Assignment: Give the data again exactly, without images.

Provided entries:

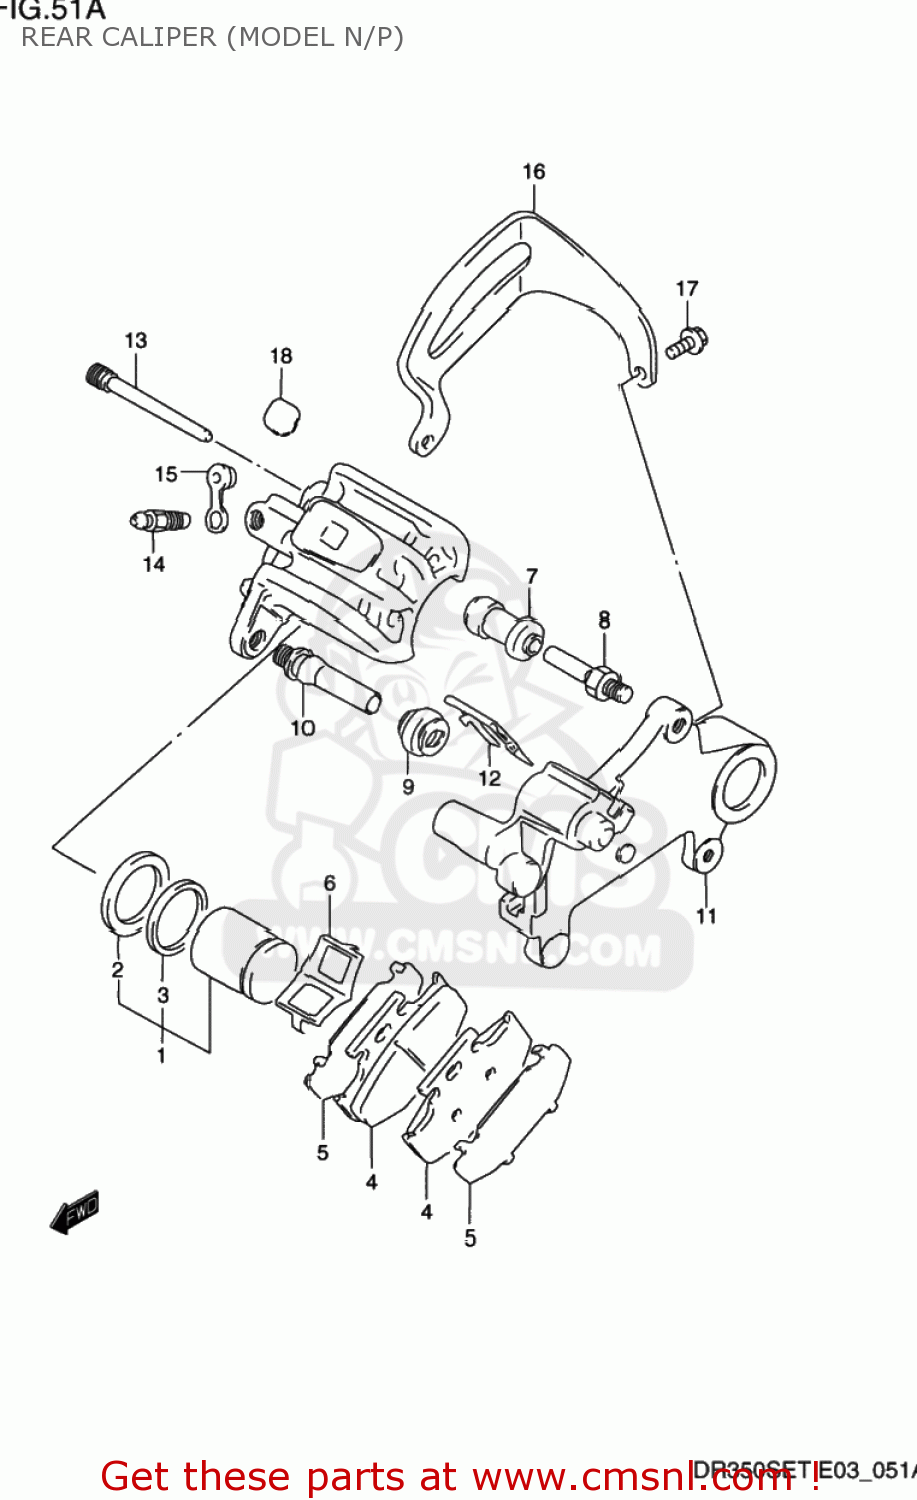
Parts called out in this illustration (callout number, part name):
1	PISTON SET
2	SEAL,PISTON
3	SEAL
4	PAD (MCA)
5	SHIM
6	SPRING,PAD
7	BOOT
8	PIN,BOLT
9	BOOT
10	PIN
11	BRACKET
12	RETAINER,BRACKET
13	PIN,HANGER
14	BLEEDER
15	CAP,BLEEDER
16	GUARD,RR CALIPER
17	BOLT
18	COVER,RR CALIPER BODY
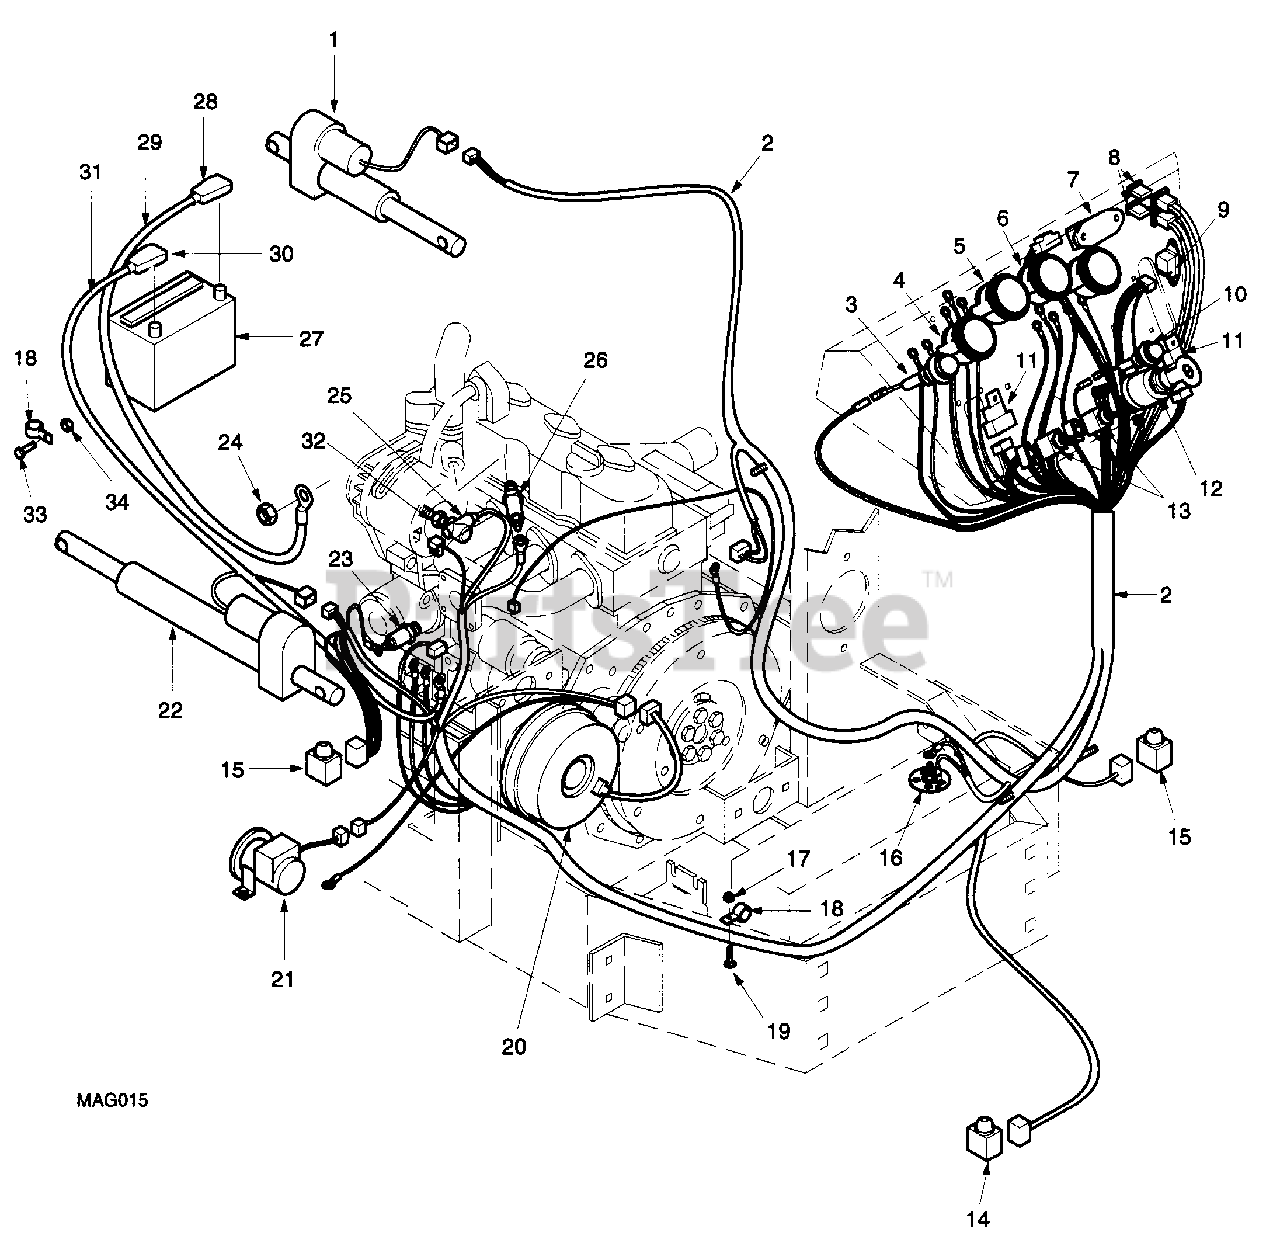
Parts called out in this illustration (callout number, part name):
1	ACTUATOR, CUTTING HEIGHT
2	WIRE HARNESS
3	INDICATOR LIGHT, OIL PRESSURE
4	HOURMETER
5	GAUGE, WATER TEMPERATURE
6	GAUGE, FUEL LEVEL
7	TIMER, DELAY CIRCUIT
8	FUSE, 30 AMP
9	TIMER, GLOW PLUG
10	INDICATOR LIGHT, GLOW PLUG
11	RELAY, SYNCHONIZE START & CLUTCH KIT CIRCUIT
12	SWITCH, IGNITION
13	SWITCH, DECK LIFT AND CUTTING HEIGHT
14	SWITCH, SAFETY - PARKING BRAKE
15	SWITCH, FOOT PEDAL & CUTTER BRAKE INTERLOCKS
16	SENDER, FUEL(INCLUDES GASKET AND SCREWS)
17	HEX LOCKNUT, ELASTIC STOP, 5/16-18
19	CARRIAGE BOLT, 5/16-18 X 3/4
20	ELECTRIC CLUTCH
21	FUEL PUMP, ELECTRIC
22	ACTUATOR, DECK LIFT
23	SENDER, OIL PRESSURE
24	HEX NUT, M8- 1.25
25	CAP, ALTERNATOR TERMINAL
26	SENDER, WATER TEMPERATURE
27	BATTERY
28	CAP, BATTERY TERMINAL - BLACK
29	BATTERY CABLE, BLACK
30	CAP, BATTERY TERMINAL - RED
31	BATTERY CABLE, RED
32	HEX NUT, M6 - 1.00
33	SERR. FL. HEX HEAD CAPSCREW, 5/16-18 X 3/4
34	SERR. FL. HEX NUT, 5/16-18
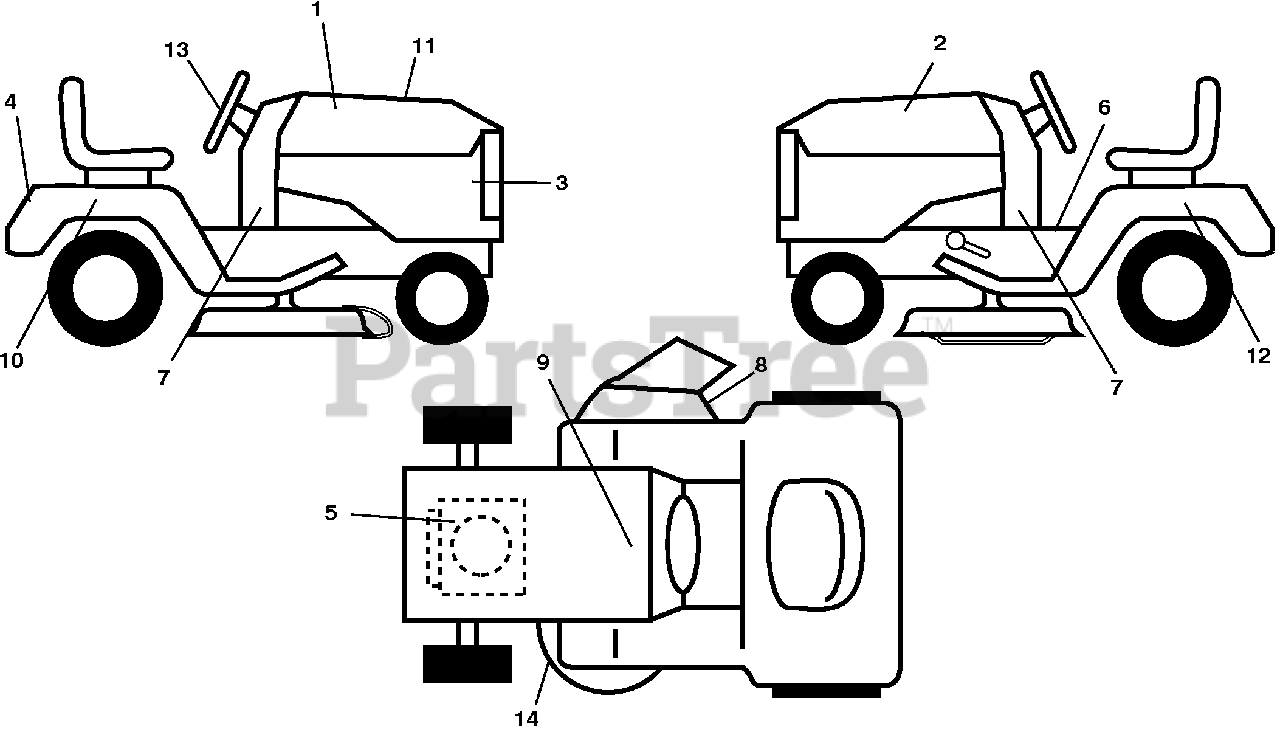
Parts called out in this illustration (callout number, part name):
1	Decal, Hood RH
2	Decal, Hood LH
3	Decal, Side Panel
4	Decal, Fender
5	Decal, Eng H.P.
6	Decal, Fender Operator's
7	Decal, Lower Dash
8	Decal, Warning
9	Decal, Battery Dnge/Poi
10	Decal, Fender SD RH
11	Decal, Replacement
12	Decal, Fender SD LH
13	Decal, Steering Wheel
14	Decal, Mower Schematic
14	Pad, Footrest Control
14	Decal, Bypass
14	Pad, Footrest, LH
14	Manual, Operator's (Eng/French)
14	Manual, Parts (Eng/French)

Exercise solution:
Parts called out in this illustration (callout number, part name):
1	PISTON SET
2	SEAL,PISTON
3	SEAL
4	PAD (MCA)
5	SHIM
6	SPRING,PAD
7	BOOT
8	PIN,BOLT
9	BOOT
10	PIN
11	BRACKET
12	RETAINER,BRACKET
13	PIN,HANGER
14	BLEEDER
15	CAP,BLEEDER
16	GUARD,RR CALIPER
17	BOLT
18	COVER,RR CALIPER BODY
Parts called out in this illustration (callout number, part name):
1	ACTUATOR, CUTTING HEIGHT
2	WIRE HARNESS
3	INDICATOR LIGHT, OIL PRESSURE
4	HOURMETER
5	GAUGE, WATER TEMPERATURE
6	GAUGE, FUEL LEVEL
7	TIMER, DELAY CIRCUIT
8	FUSE, 30 AMP
9	TIMER, GLOW PLUG
10	INDICATOR LIGHT, GLOW PLUG
11	RELAY, SYNCHONIZE START & CLUTCH KIT CIRCUIT
12	SWITCH, IGNITION
13	SWITCH, DECK LIFT AND CUTTING HEIGHT
14	SWITCH, SAFETY - PARKING BRAKE
15	SWITCH, FOOT PEDAL & CUTTER BRAKE INTERLOCKS
16	SENDER, FUEL(INCLUDES GASKET AND SCREWS)
17	HEX LOCKNUT, ELASTIC STOP, 5/16-18
19	CARRIAGE BOLT, 5/16-18 X 3/4
20	ELECTRIC CLUTCH
21	FUEL PUMP, ELECTRIC
22	ACTUATOR, DECK LIFT
23	SENDER, OIL PRESSURE
24	HEX NUT, M8- 1.25
25	CAP, ALTERNATOR TERMINAL
26	SENDER, WATER TEMPERATURE
27	BATTERY
28	CAP, BATTERY TERMINAL - BLACK
29	BATTERY CABLE, BLACK
30	CAP, BATTERY TERMINAL - RED
31	BATTERY CABLE, RED
32	HEX NUT, M6 - 1.00
33	SERR. FL. HEX HEAD CAPSCREW, 5/16-18 X 3/4
34	SERR. FL. HEX NUT, 5/16-18
Parts called out in this illustration (callout number, part name):
1	Decal, Hood RH
2	Decal, Hood LH
3	Decal, Side Panel
4	Decal, Fender
5	Decal, Eng H.P.
6	Decal, Fender Operator's
7	Decal, Lower Dash
8	Decal, Warning
9	Decal, Battery Dnge/Poi
10	Decal, Fender SD RH
11	Decal, Replacement
12	Decal, Fender SD LH
13	Decal, Steering Wheel
14	Decal, Mower Schematic
14	Pad, Footrest Control
14	Decal, Bypass
14	Pad, Footrest, LH
14	Manual, Operator's (Eng/French)
14	Manual, Parts (Eng/French)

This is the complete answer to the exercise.